O advogado Carlos Gil Rodrigues Filho foi escolhido pela governadora Raquel Lyra para ocupar a vaga do Quinto Constitucional destinada à Ordem dos Advogados do Brasil (OAB) no Tribunal de Justiça de Pernambuco (TJPE). A nomeação foi oficializada nesta segunda-feira (3), após a formação da lista tríplice pelo Pleno do Tribunal.
Na votação entre os desembargadores, realizada na tarde de segunda-feira, Carlos Gil e Diana Câmara empataram com 44 votos cada, enquanto Adriana Caribé recebeu 30 votos. A lista foi entregue à governadora pelo presidente do TJPE, Ricardo Paes Barreto, durante reunião no Palácio do Campo das Princesas, com a presença dos três candidatos. No encontro, Raquel Lyra comunicou pessoalmente a decisão a Carlos Gil, que passa a representar a advocacia pernambucana na Corte.
Perfil do novo desembargador
Formado em Direito pela Associação de Ensino Superior de Olinda (AESO) em 2006, Carlos Gil Rodrigues Filho é pós-graduado em Direito Penal e Processual Penal pela Escola da Magistratura de Pernambuco, em parceria com a Faculdade Maurício de Nassau, e também possui especialização em Direito Eleitoral pela Escola Judiciária Eleitoral de Pernambuco (EJE/PE).
Na advocacia, foi sócio do escritório José David Gil Rodrigues e, desde 2011, dirige o Carlos Gil Advogados, com atuação nas áreas cível e eleitoral. No campo institucional, exerceu o cargo de conselheiro estadual da OAB-PE no biênio 2019–2021 e foi nomeado desembargador eleitoral titular do Tribunal Regional Eleitoral de Pernambuco (TRE-PE) em 2020, sendo reconduzido em 2022.

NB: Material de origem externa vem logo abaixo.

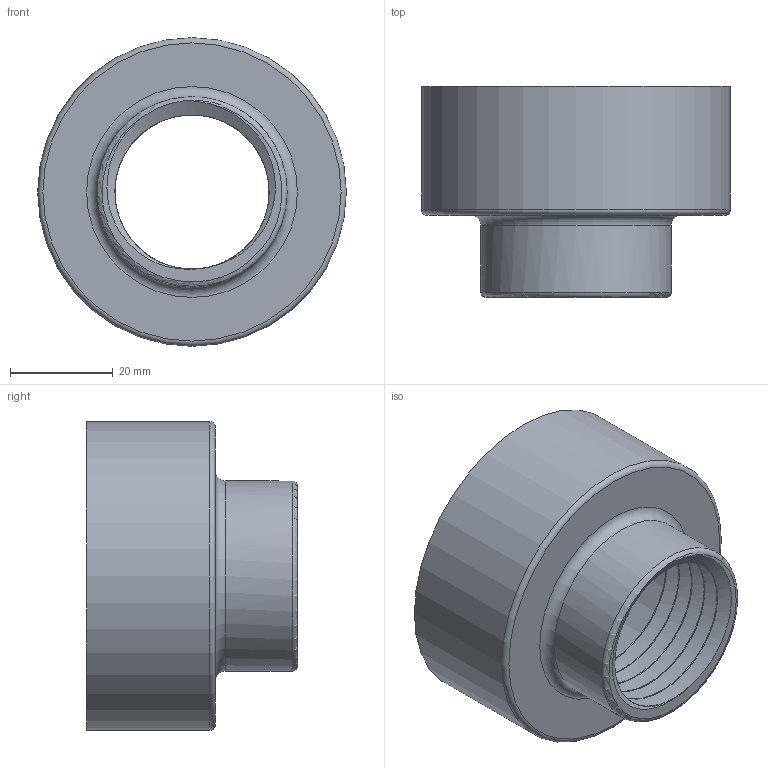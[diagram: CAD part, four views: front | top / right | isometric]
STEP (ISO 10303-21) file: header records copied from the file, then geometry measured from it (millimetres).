
FILE_DESCRIPTION(/* description */ ('Alibre Inc.'),/* implementation_level */ '2;1');
FILE_NAME(/* name */ 'export0',/* time_stamp */ '2011-12-08T16:22:04+01:00',/* author */ (''),/* organization */ (''),/* preprocessor_version */ 'ST-DEVELOPER v14',/* originating_system */ 'Alibre',/* authorisation */ '');
FILE_SCHEMA (('CONFIG_CONTROL_DESIGN'));
Length unit declared in the file: centimetre
Products named in the file (1): ID_1
Bounding box: 60 x 41 x 60 mm (x, y, z)
Volume: 11966 mm3; surface area: 18028.2 mm2
Topology: 1 solids, 1 shells, 13 faces, 28 edges, 17 vertices
Faces by surface type: cylinder 4, torus 4, plane 3, bspline 2
Full cylindrical faces by diameter (mm): 37 x1, 58 x1, 60 x1
Entity records: 1837 total; most frequent: CARTESIAN_POINT 1519, ORIENTED_EDGE 40, DIRECTION 37, AXIS2_PLACEMENT_3D 22, EDGE_LOOP 22, FACE_BOUND 22, EDGE_CURVE 20, VERTEX_POINT 16
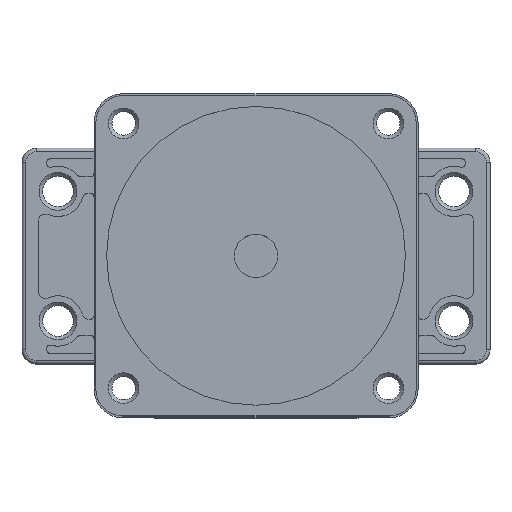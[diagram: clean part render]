
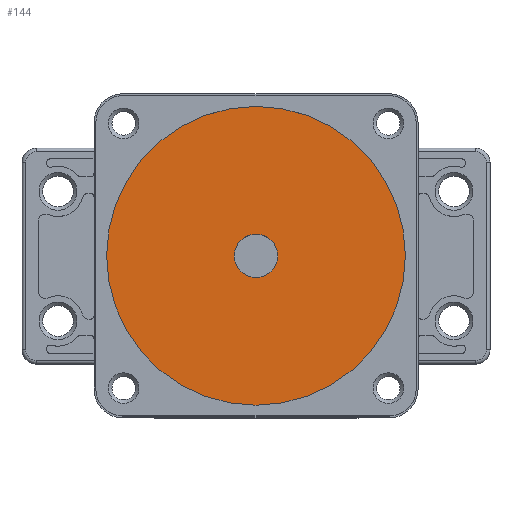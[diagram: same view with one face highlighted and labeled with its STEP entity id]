
A CAD part, top view. The second image highlights one B-rep face of the part: STEP entity #144.
In plain terms, the highlighted planar face has unit normal (0, 0, 1).
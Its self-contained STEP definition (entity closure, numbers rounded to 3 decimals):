
#73=CARTESIAN_POINT('',(41.5,0.,62.5));
#74=VERTEX_POINT('',#73);
#75=CARTESIAN_POINT('',(0.0,0.0,62.5));
#76=DIRECTION('',(0.0,0.0,1.0));
#77=DIRECTION('',(-1.0,0.0,0.0));
#78=AXIS2_PLACEMENT_3D('',#75,#76,#77);
#79=CIRCLE('',#78,41.5);
#80=EDGE_CURVE('',#74,#74,#79,.T.);
#101=CARTESIAN_POINT('',(6.05,0.,62.5));
#102=VERTEX_POINT('',#101);
#103=CARTESIAN_POINT('',(0.0,0.0,62.5));
#104=DIRECTION('',(0.0,0.0,-1.0));
#105=DIRECTION('',(-1.0,0.0,0.0));
#106=AXIS2_PLACEMENT_3D('',#103,#104,#105);
#107=CIRCLE('',#106,6.05);
#108=EDGE_CURVE('',#102,#102,#107,.T.);
#133=CARTESIAN_POINT('',(0.0,0.0,62.5));
#134=DIRECTION('',(0.0,0.0,-1.0));
#135=DIRECTION('',(-1.0,0.0,0.0));
#136=AXIS2_PLACEMENT_3D('',#133,#134,#135);
#137=PLANE('',#136);
#138=ORIENTED_EDGE('',*,*,#80,.T.);
#139=EDGE_LOOP('',(#138));
#140=FACE_OUTER_BOUND('',#139,.T.);
#141=ORIENTED_EDGE('',*,*,#108,.T.);
#142=EDGE_LOOP('',(#141));
#143=FACE_BOUND('',#142,.T.);
#144=ADVANCED_FACE('',(#140,#143),#137,.F.);
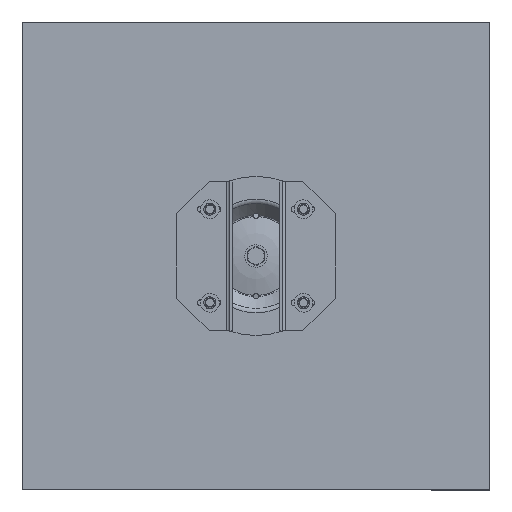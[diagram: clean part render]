
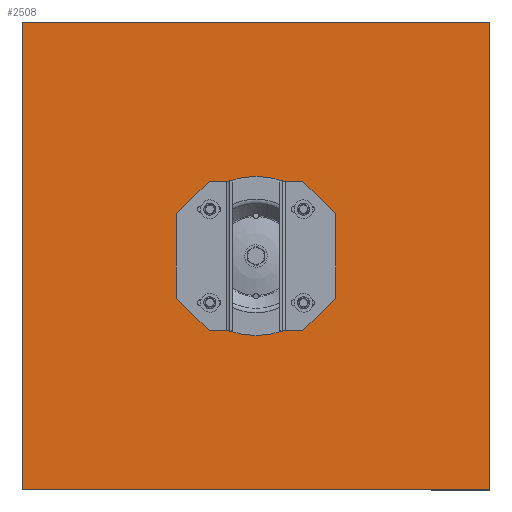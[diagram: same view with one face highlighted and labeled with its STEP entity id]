
A CAD part, top view. The second image highlights one B-rep face of the part: STEP entity #2508.
In plain terms, the highlighted planar face has unit normal (0, 0, 1).
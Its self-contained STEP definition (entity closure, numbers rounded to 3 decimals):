
#284=FACE_BOUND('',#737,.T.);
#405=CIRCLE('',#3062,50.);
#548=FACE_OUTER_BOUND('',#736,.T.);
#736=EDGE_LOOP('',(#2274,#2275,#2276,#2277));
#737=EDGE_LOOP('',(#2278));
#892=LINE('',#5012,#1053);
#896=LINE('',#5020,#1057);
#899=LINE('',#5026,#1060);
#902=LINE('',#5031,#1063);
#1053=VECTOR('',#3743,10.);
#1057=VECTOR('',#3749,10.);
#1060=VECTOR('',#3754,10.);
#1063=VECTOR('',#3759,10.);
#1266=VERTEX_POINT('',#5010);
#1267=VERTEX_POINT('',#5011);
#1270=VERTEX_POINT('',#5019);
#1272=VERTEX_POINT('',#5025);
#1278=VERTEX_POINT('',#5044);
#1597=EDGE_CURVE('',#1266,#1267,#892,.T.);
#1601=EDGE_CURVE('',#1267,#1270,#896,.T.);
#1604=EDGE_CURVE('',#1270,#1272,#899,.T.);
#1607=EDGE_CURVE('',#1272,#1266,#902,.T.);
#1614=EDGE_CURVE('',#1278,#1278,#405,.T.);
#2274=ORIENTED_EDGE('',*,*,#1607,.T.);
#2275=ORIENTED_EDGE('',*,*,#1597,.T.);
#2276=ORIENTED_EDGE('',*,*,#1601,.T.);
#2277=ORIENTED_EDGE('',*,*,#1604,.T.);
#2278=ORIENTED_EDGE('',*,*,#1614,.T.);
#2371=PLANE('',#3061);
#2508=ADVANCED_FACE('',(#548,#284),#2371,.T.);
#3061=AXIS2_PLACEMENT_3D('',#5043,#3772,#3773);
#3062=AXIS2_PLACEMENT_3D('',#5045,#3774,#3775);
#3743=DIRECTION('',(-1.,0.,0.));
#3749=DIRECTION('',(0.,-1.,0.));
#3754=DIRECTION('',(1.,0.,0.));
#3759=DIRECTION('',(0.,1.,0.));
#3772=DIRECTION('center_axis',(0.,0.,1.));
#3773=DIRECTION('ref_axis',(1.,0.,0.));
#3774=DIRECTION('center_axis',(0.,0.,-1.));
#3775=DIRECTION('ref_axis',(1.,0.,0.));
#5010=CARTESIAN_POINT('',(250.,250.,-7.));
#5011=CARTESIAN_POINT('',(-250.,250.,-7.));
#5012=CARTESIAN_POINT('',(250.,250.,-7.));
#5019=CARTESIAN_POINT('',(-250.,-250.,-7.));
#5020=CARTESIAN_POINT('',(-250.,250.,-7.));
#5025=CARTESIAN_POINT('',(250.,-250.,-7.));
#5026=CARTESIAN_POINT('',(-250.,-250.,-7.));
#5031=CARTESIAN_POINT('',(250.,-250.,-7.));
#5043=CARTESIAN_POINT('Origin',(80.,0.,-7.));
#5044=CARTESIAN_POINT('',(50.,0.,-7.));
#5045=CARTESIAN_POINT('Origin',(0.,0.,-7.));
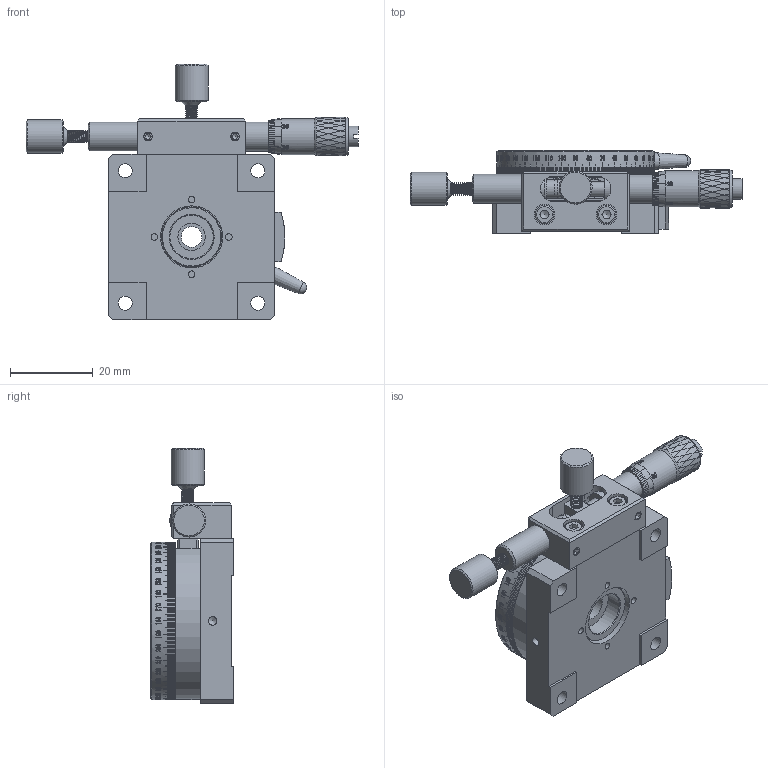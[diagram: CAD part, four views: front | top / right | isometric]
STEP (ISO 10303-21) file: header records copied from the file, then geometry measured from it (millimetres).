
FILE_DESCRIPTION (( 'STEP AP203' ), '1' );
FILE_NAME ('BPR40.STEP', '2024-07-09T11:28:40', ( 'Windows User' ), ( 'P R C' ), 'SwSTEP 2.0', 'SolidWorks 2024', '' );
FILE_SCHEMA (( 'CONFIG_CONTROL_DESIGN' ));
Products named in the file (1): BPR40
Bounding box: 80.2 x 20 x 61.7 mm (x, y, z)
Volume: 28789.4 mm3; surface area: 22457.2 mm2
Topology: 22 solids, 22 shells, 2590 faces, 8172 edges, 5869 vertices
Faces by surface type: plane 1697, cylinder 380, bspline 333, cone 172, torus 6, sphere 2
Full cylindrical faces by diameter (mm): 1.6 x16, 2 x4, 2.05 x8, 2.4 x4, 2.5 x12, 2.8 x2, 2.9 x3, 3 x1, 3.4 x4, 3.5 x2, 4 x4, 4.1 x1, 4.3 x4, 4.5 x4, 4.7 x1, 5 x5, 5.7 x1, 6 x9, 6.6 x1, 7 x3, 8 x4, 8.7 x1, 10.5 x1, 10.9 x1, 11.5 x3, 14.5 x1, 15 x1, 23.5 x1, 23.7 x1, 24 x1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
Entity records: 131659 total; most frequent: CARTESIAN_POINT 64308, ORIENTED_EDGE 15850, DIRECTION 10998, EDGE_CURVE 7925, VERTEX_POINT 5809, VECTOR 4012, LINE 4012, AXIS2_PLACEMENT_3D 3493
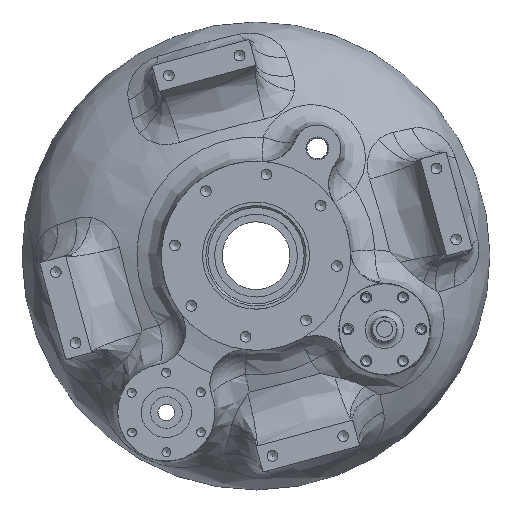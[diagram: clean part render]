
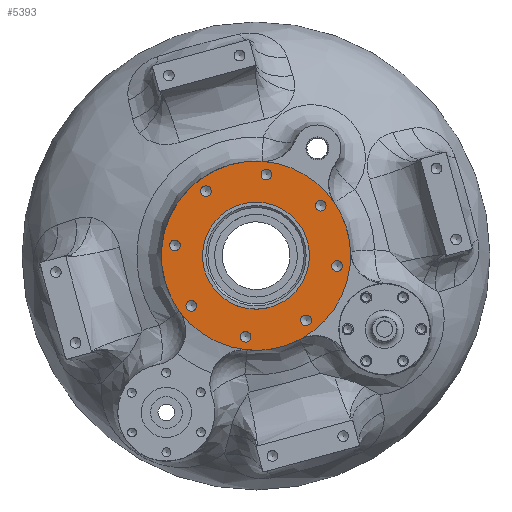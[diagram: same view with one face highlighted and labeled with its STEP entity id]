
A CAD part, top view. The second image highlights one B-rep face of the part: STEP entity #5393.
In plain terms, the highlighted planar face has unit normal (0, 0, 1).
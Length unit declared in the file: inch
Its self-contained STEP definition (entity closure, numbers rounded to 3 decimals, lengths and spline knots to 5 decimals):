
#377=FACE_BOUND('',#1743,.T.);
#378=FACE_BOUND('',#1744,.T.);
#379=FACE_BOUND('',#1745,.T.);
#380=FACE_BOUND('',#1746,.T.);
#381=FACE_BOUND('',#1747,.T.);
#382=FACE_BOUND('',#1748,.T.);
#383=FACE_BOUND('',#1749,.T.);
#384=FACE_BOUND('',#1750,.T.);
#385=FACE_BOUND('',#1751,.T.);
#453=PLANE('',#6029);
#1351=FACE_OUTER_BOUND('',#1742,.T.);
#1742=EDGE_LOOP('',(#4391,#4392,#4393,#4394,#4395,#4396));
#1743=EDGE_LOOP('',(#4397));
#1744=EDGE_LOOP('',(#4398));
#1745=EDGE_LOOP('',(#4399));
#1746=EDGE_LOOP('',(#4400));
#1747=EDGE_LOOP('',(#4401));
#1748=EDGE_LOOP('',(#4402));
#1749=EDGE_LOOP('',(#4403));
#1750=EDGE_LOOP('',(#4404));
#1751=EDGE_LOOP('',(#4405));
#2133=CIRCLE('',#5997,1.415);
#2145=CIRCLE('',#6011,1.415);
#2146=CIRCLE('',#6013,1.415);
#2152=CIRCLE('',#6024,1.415);
#2157=CIRCLE('',#6030,1.415);
#2158=CIRCLE('',#6031,1.415);
#2159=CIRCLE('',#6032,0.08);
#2160=CIRCLE('',#6033,0.08);
#2161=CIRCLE('',#6034,0.08);
#2162=CIRCLE('',#6035,0.08);
#2163=CIRCLE('',#6036,0.08);
#2164=CIRCLE('',#6037,0.08);
#2165=CIRCLE('',#6038,0.08);
#2166=CIRCLE('',#6039,0.08);
#2167=CIRCLE('',#6040,0.8);
#2551=VERTEX_POINT('',#13672);
#2553=VERTEX_POINT('',#13690);
#2565=VERTEX_POINT('',#13737);
#2571=VERTEX_POINT('',#13770);
#2578=VERTEX_POINT('',#13813);
#2582=VERTEX_POINT('',#13823);
#2583=VERTEX_POINT('',#13826);
#2584=VERTEX_POINT('',#13828);
#2585=VERTEX_POINT('',#13830);
#2586=VERTEX_POINT('',#13832);
#2587=VERTEX_POINT('',#13834);
#2588=VERTEX_POINT('',#13836);
#2589=VERTEX_POINT('',#13838);
#2590=VERTEX_POINT('',#13840);
#2591=VERTEX_POINT('',#13842);
#3193=EDGE_CURVE('',#2553,#2551,#2133,.T.);
#3207=EDGE_CURVE('',#2565,#2553,#2145,.T.);
#3215=EDGE_CURVE('',#2551,#2571,#2146,.T.);
#3224=EDGE_CURVE('',#2565,#2578,#2152,.T.);
#3229=EDGE_CURVE('',#2582,#2571,#2157,.T.);
#3230=EDGE_CURVE('',#2582,#2578,#2158,.T.);
#3231=EDGE_CURVE('',#2583,#2583,#2159,.T.);
#3232=EDGE_CURVE('',#2584,#2584,#2160,.T.);
#3233=EDGE_CURVE('',#2585,#2585,#2161,.T.);
#3234=EDGE_CURVE('',#2586,#2586,#2162,.T.);
#3235=EDGE_CURVE('',#2587,#2587,#2163,.T.);
#3236=EDGE_CURVE('',#2588,#2588,#2164,.T.);
#3237=EDGE_CURVE('',#2589,#2589,#2165,.T.);
#3238=EDGE_CURVE('',#2590,#2590,#2166,.T.);
#3239=EDGE_CURVE('',#2591,#2591,#2167,.T.);
#4391=ORIENTED_EDGE('',*,*,#3229,.F.);
#4392=ORIENTED_EDGE('',*,*,#3230,.T.);
#4393=ORIENTED_EDGE('',*,*,#3224,.F.);
#4394=ORIENTED_EDGE('',*,*,#3207,.T.);
#4395=ORIENTED_EDGE('',*,*,#3193,.T.);
#4396=ORIENTED_EDGE('',*,*,#3215,.T.);
#4397=ORIENTED_EDGE('',*,*,#3231,.T.);
#4398=ORIENTED_EDGE('',*,*,#3232,.T.);
#4399=ORIENTED_EDGE('',*,*,#3233,.T.);
#4400=ORIENTED_EDGE('',*,*,#3234,.T.);
#4401=ORIENTED_EDGE('',*,*,#3235,.T.);
#4402=ORIENTED_EDGE('',*,*,#3236,.T.);
#4403=ORIENTED_EDGE('',*,*,#3237,.T.);
#4404=ORIENTED_EDGE('',*,*,#3238,.T.);
#4405=ORIENTED_EDGE('',*,*,#3239,.T.);
#5393=ADVANCED_FACE('',(#1351,#377,#378,#379,#380,#381,#382,#383,#384,#385),
#453,.T.);
#5997=AXIS2_PLACEMENT_3D('',#13691,#7086,#7087);
#6011=AXIS2_PLACEMENT_3D('',#13738,#7115,#7116);
#6013=AXIS2_PLACEMENT_3D('',#13772,#7122,#7123);
#6024=AXIS2_PLACEMENT_3D('',#13814,#7146,#7147);
#6029=AXIS2_PLACEMENT_3D('',#13822,#7156,#7157);
#6030=AXIS2_PLACEMENT_3D('',#13824,#7158,#7159);
#6031=AXIS2_PLACEMENT_3D('',#13825,#7160,#7161);
#6032=AXIS2_PLACEMENT_3D('',#13827,#7162,#7163);
#6033=AXIS2_PLACEMENT_3D('',#13829,#7164,#7165);
#6034=AXIS2_PLACEMENT_3D('',#13831,#7166,#7167);
#6035=AXIS2_PLACEMENT_3D('',#13833,#7168,#7169);
#6036=AXIS2_PLACEMENT_3D('',#13835,#7170,#7171);
#6037=AXIS2_PLACEMENT_3D('',#13837,#7172,#7173);
#6038=AXIS2_PLACEMENT_3D('',#13839,#7174,#7175);
#6039=AXIS2_PLACEMENT_3D('',#13841,#7176,#7177);
#6040=AXIS2_PLACEMENT_3D('',#13843,#7178,#7179);
#7086=DIRECTION('center_axis',(0.,0.,1.));
#7087=DIRECTION('ref_axis',(1.,0.,0.));
#7115=DIRECTION('center_axis',(0.,0.,1.));
#7116=DIRECTION('ref_axis',(1.,0.,0.));
#7122=DIRECTION('center_axis',(0.,0.,1.));
#7123=DIRECTION('ref_axis',(1.,0.,0.));
#7146=DIRECTION('center_axis',(0.,0.,-1.));
#7147=DIRECTION('ref_axis',(1.,0.,0.));
#7156=DIRECTION('center_axis',(0.,0.,1.));
#7157=DIRECTION('ref_axis',(1.,0.,0.));
#7158=DIRECTION('center_axis',(0.,0.,-1.));
#7159=DIRECTION('ref_axis',(1.,0.,0.));
#7160=DIRECTION('center_axis',(0.,0.,1.));
#7161=DIRECTION('ref_axis',(1.,0.,0.));
#7162=DIRECTION('center_axis',(0.,0.,-1.));
#7163=DIRECTION('ref_axis',(0.707,-0.707,0.));
#7164=DIRECTION('center_axis',(0.,0.,-1.));
#7165=DIRECTION('ref_axis',(0.,-1.,0.));
#7166=DIRECTION('center_axis',(0.,0.,-1.));
#7167=DIRECTION('ref_axis',(-0.707,-0.707,0.));
#7168=DIRECTION('center_axis',(0.,0.,-1.));
#7169=DIRECTION('ref_axis',(-1.,0.,0.));
#7170=DIRECTION('center_axis',(0.,0.,-1.));
#7171=DIRECTION('ref_axis',(-0.707,0.707,0.));
#7172=DIRECTION('center_axis',(0.,0.,-1.));
#7173=DIRECTION('ref_axis',(0.,1.,0.));
#7174=DIRECTION('center_axis',(0.,0.,-1.));
#7175=DIRECTION('ref_axis',(0.707,0.707,0.));
#7176=DIRECTION('center_axis',(0.,0.,-1.));
#7177=DIRECTION('ref_axis',(1.,0.,0.));
#7178=DIRECTION('center_axis',(0.,0.,-1.));
#7179=DIRECTION('ref_axis',(1.,0.,0.));
#13672=CARTESIAN_POINT('',(0.5843,-1.28873,2.205));
#13690=CARTESIAN_POINT('',(-0.5843,-1.28873,2.205));
#13691=CARTESIAN_POINT('Origin',(0.,0.,2.205));
#13737=CARTESIAN_POINT('',(-0.62321,1.27037,2.205));
#13738=CARTESIAN_POINT('Origin',(0.,0.,2.205));
#13770=CARTESIAN_POINT('',(1.19389,-0.7595,2.205));
#13772=CARTESIAN_POINT('Origin',(0.,0.,2.205));
#13813=CARTESIAN_POINT('',(0.62321,1.27037,2.205));
#13814=CARTESIAN_POINT('Origin',(0.,0.,2.205));
#13822=CARTESIAN_POINT('Origin',(0.,1.85,2.205));
#13823=CARTESIAN_POINT('',(1.19389,0.7595,2.205));
#13824=CARTESIAN_POINT('Origin',(0.,0.,2.205));
#13825=CARTESIAN_POINT('Origin',(0.,0.,2.205));
#13826=CARTESIAN_POINT('',(0.41145,-1.07334,2.205));
#13827=CARTESIAN_POINT('Origin',(0.46802,-1.1299,2.205));
#13828=CARTESIAN_POINT('',(-0.46802,-1.0499,2.205));
#13829=CARTESIAN_POINT('Origin',(-0.46802,-1.1299,2.205));
#13830=CARTESIAN_POINT('',(-1.07334,-0.41145,2.205));
#13831=CARTESIAN_POINT('Origin',(-1.1299,-0.46802,2.205));
#13832=CARTESIAN_POINT('',(-1.0499,0.46802,2.205));
#13833=CARTESIAN_POINT('Origin',(-1.1299,0.46802,2.205));
#13834=CARTESIAN_POINT('',(-0.41145,1.07334,2.205));
#13835=CARTESIAN_POINT('Origin',(-0.46802,1.1299,2.205));
#13836=CARTESIAN_POINT('',(0.46802,1.0499,2.205));
#13837=CARTESIAN_POINT('Origin',(0.46802,1.1299,2.205));
#13838=CARTESIAN_POINT('',(1.07334,0.41145,2.205));
#13839=CARTESIAN_POINT('Origin',(1.1299,0.46802,2.205));
#13840=CARTESIAN_POINT('',(1.0499,-0.46802,2.205));
#13841=CARTESIAN_POINT('Origin',(1.1299,-0.46802,2.205));
#13842=CARTESIAN_POINT('',(-0.8,0.,2.205));
#13843=CARTESIAN_POINT('Origin',(0.,0.,2.205));

Durante o processo interno da OAB-PE que antecedeu a escolha pelo tribunal, Carlos Gil foi o candidato mais votado entre os homens, com 5.983 votos, integrando a lista sêxtupla enviada ao TJPE. Sua trajetória combina experiência técnica, atuação institucional e passagem pela Justiça Eleitoral, o que fortaleceu seu perfil para a vaga aberta pelo Quinto Constitucional.
Representatividade no Judiciário
O Quinto Constitucional, previsto na Constituição Federal, garante que um quinto das vagas dos tribunais seja ocupado por representantes da OAB e do Ministério Público, ampliando a pluralidade de origens na composição do Judiciário.